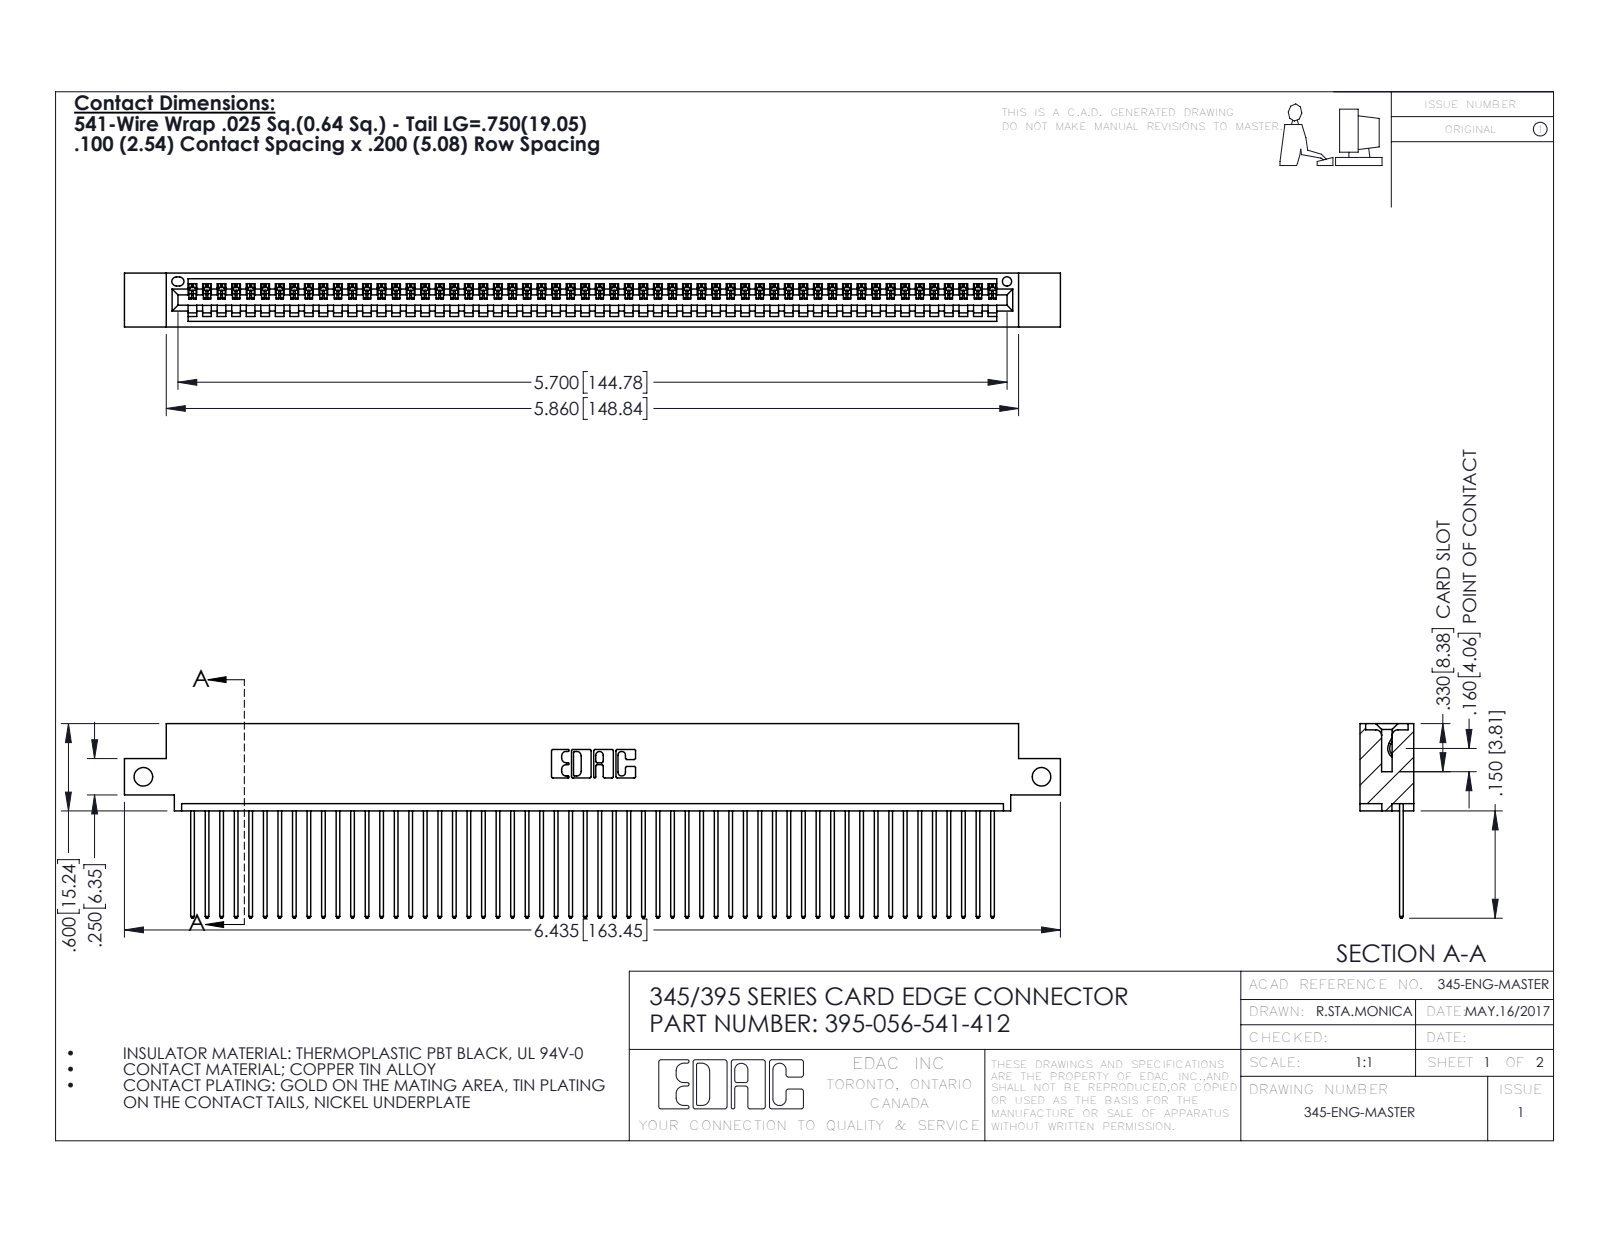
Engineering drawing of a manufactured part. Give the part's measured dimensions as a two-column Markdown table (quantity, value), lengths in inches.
| quantity | value |
| --- | --- |
| part name | 345-292-001_345-293-141; 395-056-541-412; 345 Part_0.110 Offset - Side Mount |
| STEP written by | SolidWorks 2016 (CONFIG_CONTROL_DESIGN) |
| units | inches |
| bodies | 57 solids, 3378 faces (2324 planar, 1054 cylindrical, 0 other) |
| overall size | 6.435 × 1.337 × 0.37 |
| volume | 0.956 in³ |
| surface area | 34.15 in² |
| round holes (diameter × count) | 0.128 × 2, 0.064 × 1 |
| partial cylindrical surfaces (radius × count) | 0.006 × 112, 0.01 × 112, 0.01 × 22, 0.007 × 6, 0.031 × 6, 0.026 × 3, 0.031 × 2, 0.04 × 2 |
| main face-to-face distances | 0.072, 0.298, 0.098, 0.272, 0.025, 0.37, 0.2, 0.225, 0.149, 0.072 |
| hole center spacings | 6.175 |

= = = =

TASK INSTRUCTIONS: A verbatim copy of the listing, with all pictures removed, is required.

TASK RESULT:
Engineering drawing of a manufactured part. Give the part's measured dimensions as a two-column Markdown table (quantity, value), lengths in inches.
| quantity | value |
| --- | --- |
| part name | 345-292-001_345-293-141; 395-056-541-412; 345 Part_0.110 Offset - Side Mount |
| STEP written by | SolidWorks 2016 (CONFIG_CONTROL_DESIGN) |
| units | inches |
| bodies | 57 solids, 3378 faces (2324 planar, 1054 cylindrical, 0 other) |
| overall size | 6.435 × 1.337 × 0.37 |
| volume | 0.956 in³ |
| surface area | 34.15 in² |
| round holes (diameter × count) | 0.128 × 2, 0.064 × 1 |
| partial cylindrical surfaces (radius × count) | 0.006 × 112, 0.01 × 112, 0.01 × 22, 0.007 × 6, 0.031 × 6, 0.026 × 3, 0.031 × 2, 0.04 × 2 |
| main face-to-face distances | 0.072, 0.298, 0.098, 0.272, 0.025, 0.37, 0.2, 0.225, 0.149, 0.072 |
| hole center spacings | 6.175 |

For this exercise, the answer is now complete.